Lucy Vine is a freelance journalist who has written for pretty much every magazine on the stands, including Grazia, Heat, Cosmo, Stylist and Marie Claire. Inspired by one of Lucy’s articles, editor Katie Seaman commissioned Lucy to write HOT MESS, a full-length novel, in an incredibly short space of time and, between them, have discovered a brilliantly efficient way of working together. But first, we had to ask the question…

What is a Hot Mess?

Lucy: Most women I know! (She) likes to get drunk, sleeps too much, watches terrible telly and eats badly. Being a Millennial, I think, at this point. Not having any money ever, trying to survive.

How long did it take you to write?

Lucy: It all started with Katie, at the end of August. I was shifting at lots of different magazines at that point, so she commissioned me to write this book, and I took two months off. So… I wrote it in those two months.

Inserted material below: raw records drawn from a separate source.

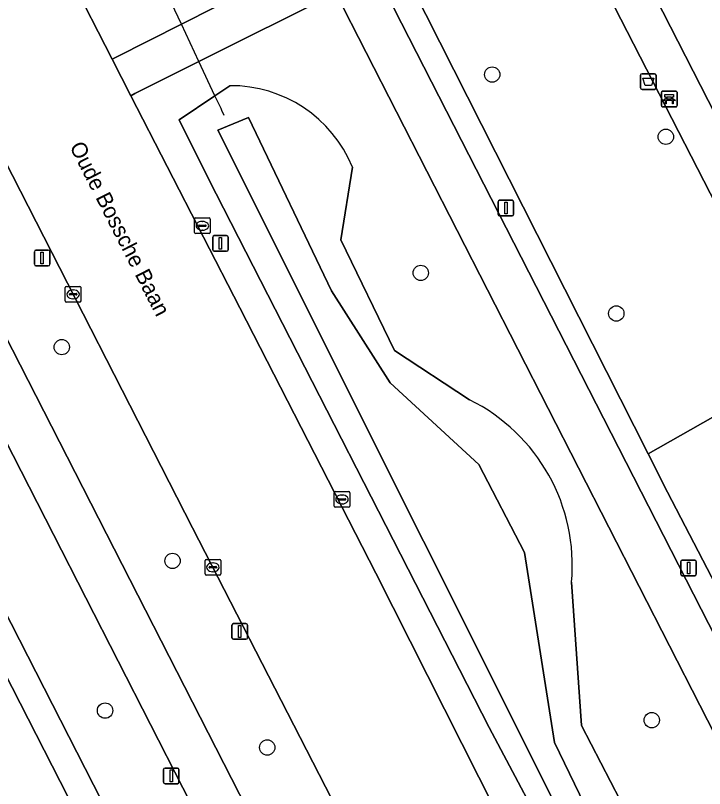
# Model space of a CAD drawing. Extents: x 159352 to 160617, y 385888 to 387323.
# Drawn here: x 159737.07 to 159781, y 386580.69 to 386630 of the extents above; entities that cross this region are included whole.
import ezdxf

# ---------------------------------------------------------------- set-up
doc = ezdxf.new("R2010")
doc.units = 0
for name, color, linetype in [('IMGEO_Afvalbak', 7, 'Continuous'), ('IMGEO_Bank', 7, 'Continuous'), ('IMGEO_Berm_groen', 7, 'Continuous'), ('IMGEO_Boom', 7, 'Continuous'), ('IMGEO_Duiker', 7, 'Continuous'), ('IMGEO_Fietspad_gesloten', 7, 'Continuous'), ('IMGEO_Groenvoorziening', 7, 'Continuous'), ('IMGEO_Kolk', 7, 'Continuous'), ('IMGEO_Lichtmast', 7, 'Continuous'), ('IMGEO_Oever', 7, 'Continuous'), ('IMGEO_Openbare_ruimte_label', 7, 'Continuous'), ('IMGEO_Rijbaan_lokaal_gesloten', 7, 'Continuous'), ('IMGEO_Verkeersbordpaal', 7, 'Continuous'), ('IMGEO_Voetpad_halfverhard', 7, 'Continuous'), ('IMGEO_Voetpad_open', 7, 'Continuous'), ('IMGEO_Waterloop', 7, 'Continuous')]:
    doc.layers.add(name, color=color, linetype=linetype)

msp = doc.modelspace()

# ---------------------------------------------------------------- linework, layer by layer
at = {"layer": 'IMGEO_Afvalbak'}
for p, q in [((159776.915, 386625.381), (159776.915, 386626.181)), ((159776.915, 386626.181), (159776.915, 386625.381)), ((159777.015, 386626.281), (159777.805, 386626.281)), ((159777.805, 386626.281), (159777.015, 386626.281)), ((159777.905, 386626.181), (159777.905, 386625.381)), ((159777.905, 386625.381), (159777.905, 386626.181)), ((159777.805, 386625.281), (159777.015, 386625.281)), ((159777.015, 386625.281), (159777.805, 386625.281))]:
    msp.add_line(p, q, dxfattribs=at)
msp.add_lwpolyline([(159777.058, 386625.995), (159777.762, 386625.995), (159777.613, 386625.525), (159777.207, 386625.525), (159777.058, 386625.995)], dxfattribs=at)
for centre, start, end in [((159777.015, 386626.181), 90, 180), ((159777.015, 386626.181), 90, 180), ((159777.805, 386626.181), 0, 90), ((159777.805, 386626.181), 360, 90), ((159777.015, 386625.381), 180, 270), ((159777.015, 386625.381), 180, 270), ((159777.805, 386625.381), 270, 0), ((159777.805, 386625.381), 270, 0)]:
    msp.add_arc(centre, 0.1, start, end, dxfattribs=at)
at = {"layer": 'IMGEO_Bank'}
for p, q in [((159778.244, 386624.243), (159778.244, 386625.084)), ((159778.244, 386625.084), (159778.244, 386624.243)), ((159778.319, 386625.168), (159779.16, 386625.168)), ((159779.16, 386625.168), (159778.319, 386625.168)), ((159779.244, 386625.093), (159779.244, 386624.252)), ((159779.244, 386624.252), (159779.244, 386625.093)), ((159778.941, 386624.566), (159778.548, 386624.566)), ((159778.553, 386624.674), (159778.553, 386624.78)), ((159778.597, 386624.78), (159778.597, 386624.674)), ((159778.885, 386624.786), (159778.603, 386624.786)), ((159778.603, 386624.668), (159778.885, 386624.668)), ((159778.891, 386624.674), (159778.891, 386624.78)), ((159778.935, 386624.78), (159778.935, 386624.674)), ((159779.169, 386624.168), (159778.328, 386624.168)), ((159778.328, 386624.168), (159779.169, 386624.168))]:
    msp.add_line(p, q, dxfattribs=at)
for points in [[(159778.491, 386624.566), (159778.349, 386624.566), (159778.461, 386624.668), (159778.547, 386624.668)], [(159778.547, 386624.786), (159778.461, 386624.786), (159778.461, 386624.947), (159779.024, 386624.947), (159779.024, 386624.786), (159778.941, 386624.786)], [(159778.541, 386624.559), (159778.541, 386624.352), (159778.498, 386624.352), (159778.498, 386624.559)], [(159778.941, 386624.668), (159779.024, 386624.668), (159779.136, 386624.566), (159778.997, 386624.566)], [(159778.991, 386624.559), (159778.991, 386624.352), (159778.947, 386624.352), (159778.947, 386624.559)]]:
    msp.add_lwpolyline(points, dxfattribs=at)
for centre, radius, start, end in [((159778.322, 386625.09), 0.0779, 92.4484, 184.2845), ((159778.322, 386625.09), 0.0779, 92.4484, 184.2845), ((159779.166, 386625.09), 0.0779, 2.4484, 94.2845), ((159779.166, 386625.09), 0.0779, 2.4484, 94.2845), ((159778.491, 386624.559), 0.00671, 2.8957, 87.1043), ((159778.548, 386624.559), 0.00671, 92.8957, 177.1043), ((159778.546, 386624.779), 0.00671, 2.8957, 87.1043), ((159778.546, 386624.675), 0.00671, 272.8957, 357.1043), ((159778.603, 386624.779), 0.00671, 92.8957, 177.1043), ((159778.603, 386624.675), 0.00671, 182.8957, 267.1043), ((159778.885, 386624.779), 0.00671, 2.8957, 87.1043), ((159778.885, 386624.675), 0.00671, 272.8957, 357.1043), ((159778.942, 386624.779), 0.00671, 92.8957, 177.1043), ((159778.942, 386624.675), 0.00671, 182.8957, 267.1043), ((159778.94, 386624.559), 0.00671, 2.8957, 87.1043), ((159778.997, 386624.559), 0.00671, 92.8957, 177.1043), ((159778.322, 386624.246), 0.0779, 182.4484, 274.2845), ((159778.322, 386624.246), 0.0779, 182.4484, 274.2845), ((159779.166, 386624.246), 0.0779, 272.4484, 4.2845), ((159779.166, 386624.246), 0.0779, 272.4484, 4.2845)]:
    msp.add_arc(centre, radius, start, end, dxfattribs=at)
at = {"layer": 'IMGEO_Berm_groen'}
for points in [[(159672.985, 386771.072), (159673.306, 386770.324), (159675.396, 386765.976), (159673.079, 386764.76), (159673.972, 386762.988), (159680.607, 386750), (159680.941, 386749.346), (159691.569, 386728.727), (159695.538, 386720.97), (159702.544, 386706.95), (159713.2, 386686.195), (159726.157, 386660.692), (159735.251, 386642.791), (159743.239, 386627.211), (159743.502, 386627.346), (159747.647, 386629.447), (159756.288, 386633.826), (159699.609, 386744.934), (159693.118, 386741.84), (159693.16, 386741.671), (159703.621, 386721.304), (159711.807, 386715.609)], [(159772.521, 386593.855), (159773.159, 386584.718), (159780.543, 386570.427), (159778.249, 386569.078), (159776.147, 386567.841), (159767.261, 386584.583), (159749.402, 386619.536), (159747.519, 386623.348), (159749.791, 386624.879), (159750.739, 386625.518)], [(159758.553, 386620.328), (159757.812, 386615.682), (159761.24, 386608.621), (159766.017, 386605.488)]]:
    msp.add_lwpolyline(points, dxfattribs=at)
for points in [[(159757.502, 386631.446), (159748.768, 386627.059), (159744.692, 386625.012), (159744.434, 386624.88), (159751.377, 386611.341), (159760.048, 386594.429), (159767.715, 386579.24), (159775.346, 386564.177), (159775.69, 386564.351), (159779.629, 386566.369), (159788.426, 386570.875)], [(159748.365, 386597.323), (159736.391, 386620.747), (159731.872, 386618.458), (159762.831, 386557.859), (159767.368, 386560.207), (159764.513, 386565.852)], [(159729.174, 386617.087), (159724.727, 386614.834), (159755.671, 386554.225), (159760.103, 386556.503)]]:
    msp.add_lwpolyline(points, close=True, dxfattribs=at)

Two months?! (followed by much wailing in astonishment)

Lucy: Because I’m trained as a journalist, and I’ve spent however many years doing that, I get given a deadline and I write it, and I’ve always preferred that overnight commission, where somebody said, ‘I need a thousand words in the morning,’ and I get up at 4am. I hadn’t written a book, even though I’m writing every day and I’m a huge book person as well, but the idea of actually putting myself through the hell of writing a book and then having to pitch and get all that rejection, it just… I know that’s what a lot of people are doing, but I’ve always been too much of a coward for that. It just terrified me, the idea of having to do all that, and the idea of having a whole year as well. When I get given a commission to write something and they say, ‘Yeah, give it to us in a month,’ I don’t do it until that last few days of the month. I actually had a longer deadline (for the book), it was due in January, and I sent it over at the end of November, but I just needed to do it. That first week when I’d actually taken the time off work and I was at home and I was sitting there, ready to write a novel, with a blank piece of paper in front of me, I actually failed a bit, in my head, and just started to panic and I think I had lunch with Katie on the Wednesday of that first week, and I said to you, ‘Can I please have a weekly deadline?’ I know that sounds a bit pathetic, but I said is it okay if I start sending you ten thousand words a week?

How many?!

Lucy: Those first few days, I just lay there in my room, just watching Netflix… You think it’s impressive, how many words I got through, you should see how many Netflix shows I got through. I knew I had to do that, every Friday, send Katie that chunk of work, I just had to do it. Even if I got to Wednesday and I had to get it done, so I did.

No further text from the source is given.